From the entries that follow, copy exactly the lines beginning at the line holding "35.37 21.01 0 top" and continuing through the line holding "6.87 270 bottom".

(Data items)
= = = = = = =

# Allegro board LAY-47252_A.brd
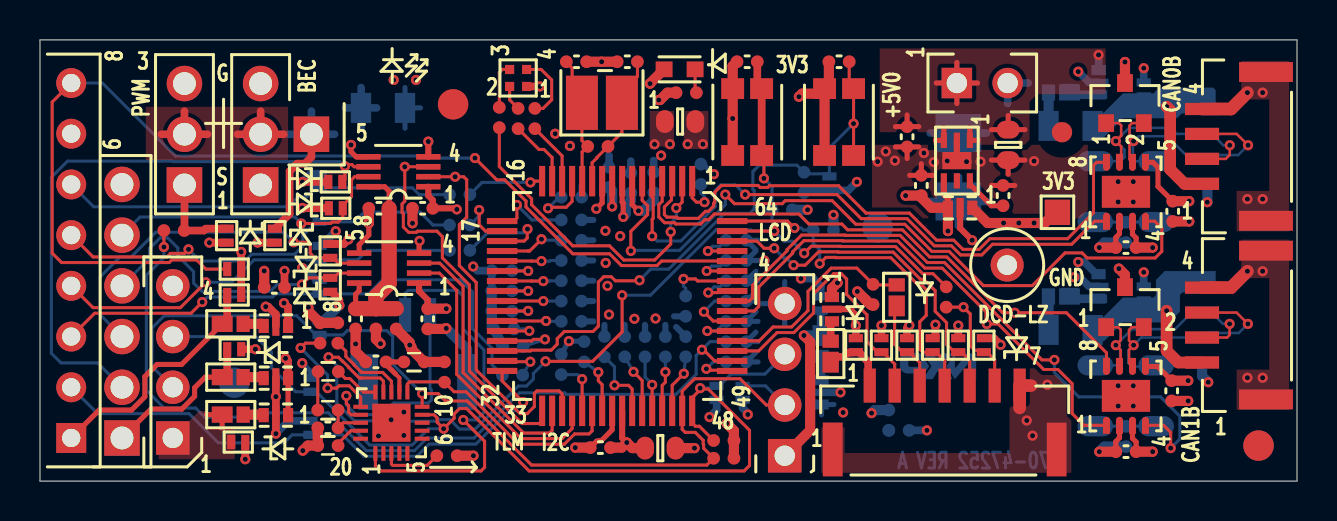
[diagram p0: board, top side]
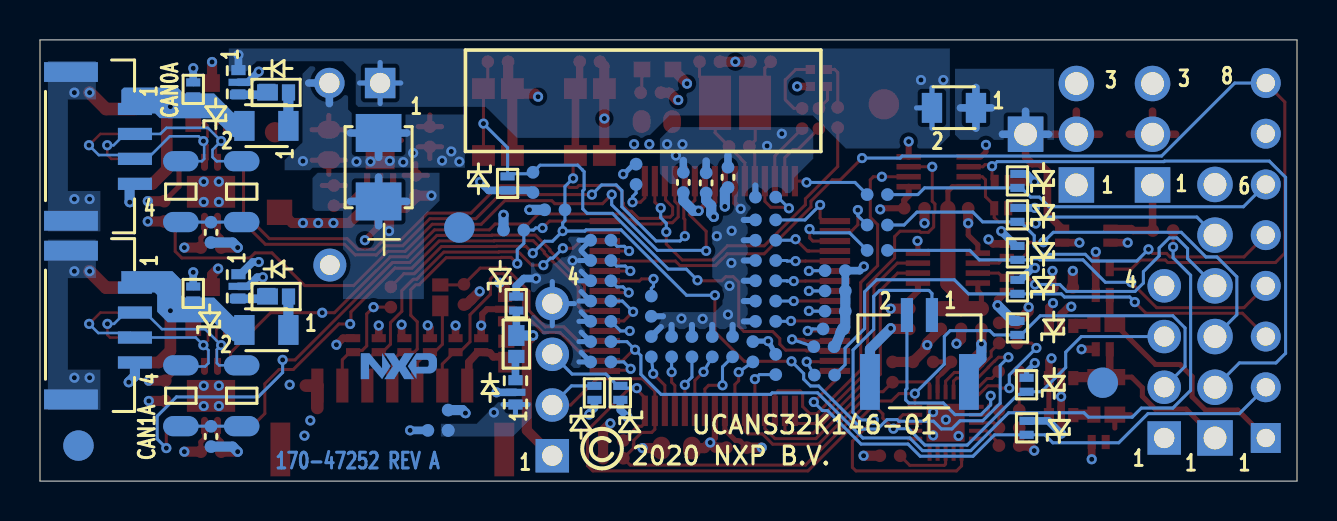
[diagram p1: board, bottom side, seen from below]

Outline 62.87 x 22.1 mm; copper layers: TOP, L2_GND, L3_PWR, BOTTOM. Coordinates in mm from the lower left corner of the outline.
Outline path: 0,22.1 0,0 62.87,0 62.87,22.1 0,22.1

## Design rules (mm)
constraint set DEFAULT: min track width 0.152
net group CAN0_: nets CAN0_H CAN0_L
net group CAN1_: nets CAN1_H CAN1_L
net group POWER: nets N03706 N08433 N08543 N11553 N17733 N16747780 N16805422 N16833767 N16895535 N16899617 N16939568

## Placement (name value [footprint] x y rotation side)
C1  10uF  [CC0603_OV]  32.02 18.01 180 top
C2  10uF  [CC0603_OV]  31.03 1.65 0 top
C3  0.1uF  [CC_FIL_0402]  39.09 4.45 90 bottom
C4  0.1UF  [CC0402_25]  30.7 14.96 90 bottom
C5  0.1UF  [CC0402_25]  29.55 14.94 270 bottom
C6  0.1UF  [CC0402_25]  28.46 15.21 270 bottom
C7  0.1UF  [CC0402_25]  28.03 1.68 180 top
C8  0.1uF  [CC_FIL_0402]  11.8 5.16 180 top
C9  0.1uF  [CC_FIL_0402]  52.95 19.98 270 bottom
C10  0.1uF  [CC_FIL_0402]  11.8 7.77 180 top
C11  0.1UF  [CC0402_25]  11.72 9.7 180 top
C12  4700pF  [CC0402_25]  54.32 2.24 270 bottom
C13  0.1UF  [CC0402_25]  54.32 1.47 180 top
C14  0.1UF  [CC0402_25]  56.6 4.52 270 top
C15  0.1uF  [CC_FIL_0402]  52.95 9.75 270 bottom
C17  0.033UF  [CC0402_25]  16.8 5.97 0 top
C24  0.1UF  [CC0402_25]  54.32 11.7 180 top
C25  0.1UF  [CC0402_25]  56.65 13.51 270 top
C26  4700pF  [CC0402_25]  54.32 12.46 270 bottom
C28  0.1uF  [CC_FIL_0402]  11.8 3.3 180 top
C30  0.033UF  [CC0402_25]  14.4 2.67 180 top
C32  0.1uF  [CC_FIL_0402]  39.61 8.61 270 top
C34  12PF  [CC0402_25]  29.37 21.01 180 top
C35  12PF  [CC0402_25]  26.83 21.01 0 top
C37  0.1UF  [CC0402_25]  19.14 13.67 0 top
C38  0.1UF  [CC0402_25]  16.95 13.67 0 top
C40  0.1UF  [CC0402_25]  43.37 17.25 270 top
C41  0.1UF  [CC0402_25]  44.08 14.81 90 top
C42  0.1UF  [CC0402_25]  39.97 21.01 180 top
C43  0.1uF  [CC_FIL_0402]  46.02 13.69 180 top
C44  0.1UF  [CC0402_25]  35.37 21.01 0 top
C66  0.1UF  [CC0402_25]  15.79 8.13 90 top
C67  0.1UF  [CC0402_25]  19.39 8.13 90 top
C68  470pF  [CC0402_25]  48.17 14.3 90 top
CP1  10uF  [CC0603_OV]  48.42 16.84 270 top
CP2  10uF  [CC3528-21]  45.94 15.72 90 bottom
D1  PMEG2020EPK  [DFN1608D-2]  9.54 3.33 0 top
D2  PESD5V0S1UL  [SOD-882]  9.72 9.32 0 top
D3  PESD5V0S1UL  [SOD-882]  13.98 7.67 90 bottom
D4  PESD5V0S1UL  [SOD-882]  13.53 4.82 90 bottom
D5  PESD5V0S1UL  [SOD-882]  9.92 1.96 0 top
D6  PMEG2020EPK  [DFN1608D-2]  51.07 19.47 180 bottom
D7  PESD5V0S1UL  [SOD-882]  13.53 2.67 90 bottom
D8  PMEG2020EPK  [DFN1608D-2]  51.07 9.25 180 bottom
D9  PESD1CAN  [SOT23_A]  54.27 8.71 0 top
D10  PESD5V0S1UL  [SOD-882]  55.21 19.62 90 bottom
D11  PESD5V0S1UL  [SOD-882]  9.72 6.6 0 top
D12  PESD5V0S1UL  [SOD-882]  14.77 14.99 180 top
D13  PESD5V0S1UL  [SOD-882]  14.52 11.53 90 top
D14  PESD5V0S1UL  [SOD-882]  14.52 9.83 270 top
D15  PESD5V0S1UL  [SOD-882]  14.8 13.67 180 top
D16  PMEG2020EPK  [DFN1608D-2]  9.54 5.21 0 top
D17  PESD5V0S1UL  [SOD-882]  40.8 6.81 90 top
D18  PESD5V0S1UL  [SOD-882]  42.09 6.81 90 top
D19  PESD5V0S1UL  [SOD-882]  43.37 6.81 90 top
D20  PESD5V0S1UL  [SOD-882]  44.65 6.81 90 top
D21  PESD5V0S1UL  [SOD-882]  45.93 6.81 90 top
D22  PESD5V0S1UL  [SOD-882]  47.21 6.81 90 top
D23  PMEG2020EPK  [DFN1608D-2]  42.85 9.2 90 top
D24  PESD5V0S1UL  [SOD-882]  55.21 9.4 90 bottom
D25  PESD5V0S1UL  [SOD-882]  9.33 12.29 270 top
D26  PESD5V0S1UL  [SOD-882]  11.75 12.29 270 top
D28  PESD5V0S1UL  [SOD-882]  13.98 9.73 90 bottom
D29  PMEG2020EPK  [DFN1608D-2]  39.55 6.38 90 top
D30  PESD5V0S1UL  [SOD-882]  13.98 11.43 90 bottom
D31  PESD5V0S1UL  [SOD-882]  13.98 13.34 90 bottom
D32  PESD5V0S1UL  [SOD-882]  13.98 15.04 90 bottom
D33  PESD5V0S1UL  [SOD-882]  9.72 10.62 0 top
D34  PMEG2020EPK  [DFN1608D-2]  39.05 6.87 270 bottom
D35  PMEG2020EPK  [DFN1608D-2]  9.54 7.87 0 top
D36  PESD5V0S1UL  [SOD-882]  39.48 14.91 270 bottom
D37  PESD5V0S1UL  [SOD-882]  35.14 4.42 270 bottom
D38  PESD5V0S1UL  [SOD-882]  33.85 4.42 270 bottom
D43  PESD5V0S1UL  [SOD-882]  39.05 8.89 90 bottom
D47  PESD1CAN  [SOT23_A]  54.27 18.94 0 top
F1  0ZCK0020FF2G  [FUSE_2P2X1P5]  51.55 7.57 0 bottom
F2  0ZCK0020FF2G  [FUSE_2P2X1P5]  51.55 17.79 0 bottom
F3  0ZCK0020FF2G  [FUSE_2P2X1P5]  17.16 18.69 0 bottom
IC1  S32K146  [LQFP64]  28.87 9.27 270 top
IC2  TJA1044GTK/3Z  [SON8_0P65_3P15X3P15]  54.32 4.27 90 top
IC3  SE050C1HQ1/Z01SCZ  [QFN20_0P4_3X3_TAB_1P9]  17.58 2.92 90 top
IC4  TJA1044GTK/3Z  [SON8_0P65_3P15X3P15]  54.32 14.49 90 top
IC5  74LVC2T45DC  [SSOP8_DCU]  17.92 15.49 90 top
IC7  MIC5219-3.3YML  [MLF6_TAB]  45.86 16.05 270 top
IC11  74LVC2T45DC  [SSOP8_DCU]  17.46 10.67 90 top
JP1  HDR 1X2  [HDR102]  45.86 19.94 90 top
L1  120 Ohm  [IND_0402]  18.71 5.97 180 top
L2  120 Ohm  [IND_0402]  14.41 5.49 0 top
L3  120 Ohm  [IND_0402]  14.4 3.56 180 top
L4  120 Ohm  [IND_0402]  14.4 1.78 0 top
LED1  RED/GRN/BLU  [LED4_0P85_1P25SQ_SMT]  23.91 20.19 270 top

= = = = = = =

COMPLETED TASK:
C44  0.1UF  [CC0402_25]  35.37 21.01 0 top
C66  0.1UF  [CC0402_25]  15.79 8.13 90 top
C67  0.1UF  [CC0402_25]  19.39 8.13 90 top
C68  470pF  [CC0402_25]  48.17 14.3 90 top
CP1  10uF  [CC0603_OV]  48.42 16.84 270 top
CP2  10uF  [CC3528-21]  45.94 15.72 90 bottom
D1  PMEG2020EPK  [DFN1608D-2]  9.54 3.33 0 top
D2  PESD5V0S1UL  [SOD-882]  9.72 9.32 0 top
D3  PESD5V0S1UL  [SOD-882]  13.98 7.67 90 bottom
D4  PESD5V0S1UL  [SOD-882]  13.53 4.82 90 bottom
D5  PESD5V0S1UL  [SOD-882]  9.92 1.96 0 top
D6  PMEG2020EPK  [DFN1608D-2]  51.07 19.47 180 bottom
D7  PESD5V0S1UL  [SOD-882]  13.53 2.67 90 bottom
D8  PMEG2020EPK  [DFN1608D-2]  51.07 9.25 180 bottom
D9  PESD1CAN  [SOT23_A]  54.27 8.71 0 top
D10  PESD5V0S1UL  [SOD-882]  55.21 19.62 90 bottom
D11  PESD5V0S1UL  [SOD-882]  9.72 6.6 0 top
D12  PESD5V0S1UL  [SOD-882]  14.77 14.99 180 top
D13  PESD5V0S1UL  [SOD-882]  14.52 11.53 90 top
D14  PESD5V0S1UL  [SOD-882]  14.52 9.83 270 top
D15  PESD5V0S1UL  [SOD-882]  14.8 13.67 180 top
D16  PMEG2020EPK  [DFN1608D-2]  9.54 5.21 0 top
D17  PESD5V0S1UL  [SOD-882]  40.8 6.81 90 top
D18  PESD5V0S1UL  [SOD-882]  42.09 6.81 90 top
D19  PESD5V0S1UL  [SOD-882]  43.37 6.81 90 top
D20  PESD5V0S1UL  [SOD-882]  44.65 6.81 90 top
D21  PESD5V0S1UL  [SOD-882]  45.93 6.81 90 top
D22  PESD5V0S1UL  [SOD-882]  47.21 6.81 90 top
D23  PMEG2020EPK  [DFN1608D-2]  42.85 9.2 90 top
D24  PESD5V0S1UL  [SOD-882]  55.21 9.4 90 bottom
D25  PESD5V0S1UL  [SOD-882]  9.33 12.29 270 top
D26  PESD5V0S1UL  [SOD-882]  11.75 12.29 270 top
D28  PESD5V0S1UL  [SOD-882]  13.98 9.73 90 bottom
D29  PMEG2020EPK  [DFN1608D-2]  39.55 6.38 90 top
D30  PESD5V0S1UL  [SOD-882]  13.98 11.43 90 bottom
D31  PESD5V0S1UL  [SOD-882]  13.98 13.34 90 bottom
D32  PESD5V0S1UL  [SOD-882]  13.98 15.04 90 bottom
D33  PESD5V0S1UL  [SOD-882]  9.72 10.62 0 top
D34  PMEG2020EPK  [DFN1608D-2]  39.05 6.87 270 bottom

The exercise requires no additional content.